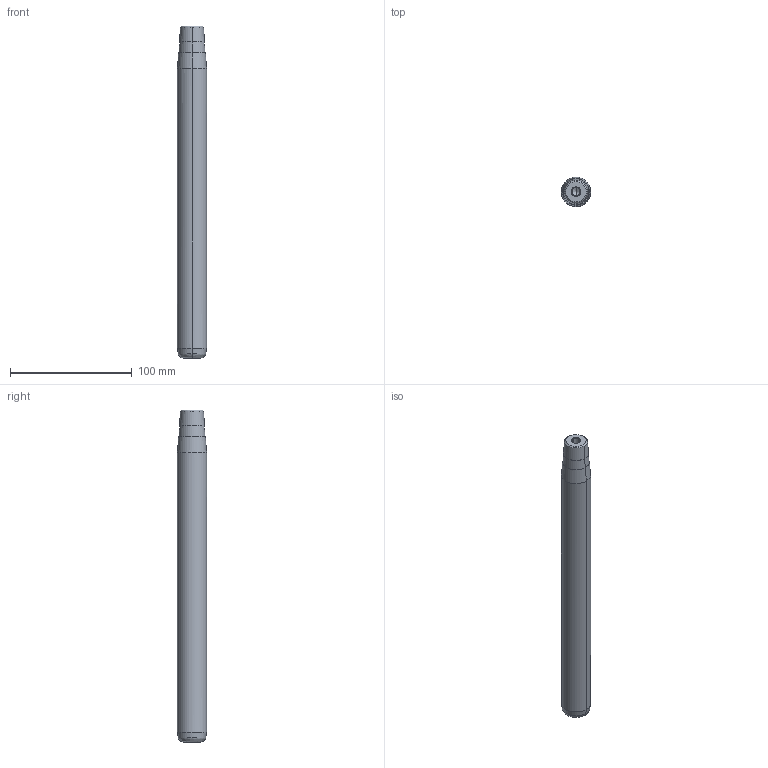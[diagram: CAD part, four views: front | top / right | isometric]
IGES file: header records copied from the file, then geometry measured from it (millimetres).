
Start section: START RECORD GO HERE.
Global section: file name: 722-24x250x273.igs; native system: DASSAULT SYSTEMES CATIA V5 R20 - www.3ds.com; preprocessor: CATIA Version 5 Release 20 ; author: Utente; organization: NB04-ASUS; date: 20210109.092730; units: millimetre
Bounding box: 24 x 24 x 273 mm (x, y, z)
Surface area: 21908.1 mm2 (no closed solid volume)
Topology: 0 solids, 0 shells, 32 faces, 192 edges, 188 vertices
Faces by surface type: revolution 30, plane 2
────────────────────────────────────────
What to work on:
Only text belongs in the copy: repeat each line of the data exactly and leave out the pictures.

Result below:
[diagram: CAD part, four views: front | top / right | isometric]
IGES file: header records copied from the file, then geometry measured from it (millimetres).
Start section: START RECORD GO HERE.
Global section: file name: 722-24x250x273.igs; native system: DASSAULT SYSTEMES CATIA V5 R20 - www.3ds.com; preprocessor: CATIA Version 5 Release 20 ; author: Utente; organization: NB04-ASUS; date: 20210109.092730; units: millimetre
Bounding box: 24 x 24 x 273 mm (x, y, z)
Surface area: 21908.1 mm2 (no closed solid volume)
Topology: 0 solids, 0 shells, 32 faces, 192 edges, 188 vertices
Faces by surface type: revolution 30, plane 2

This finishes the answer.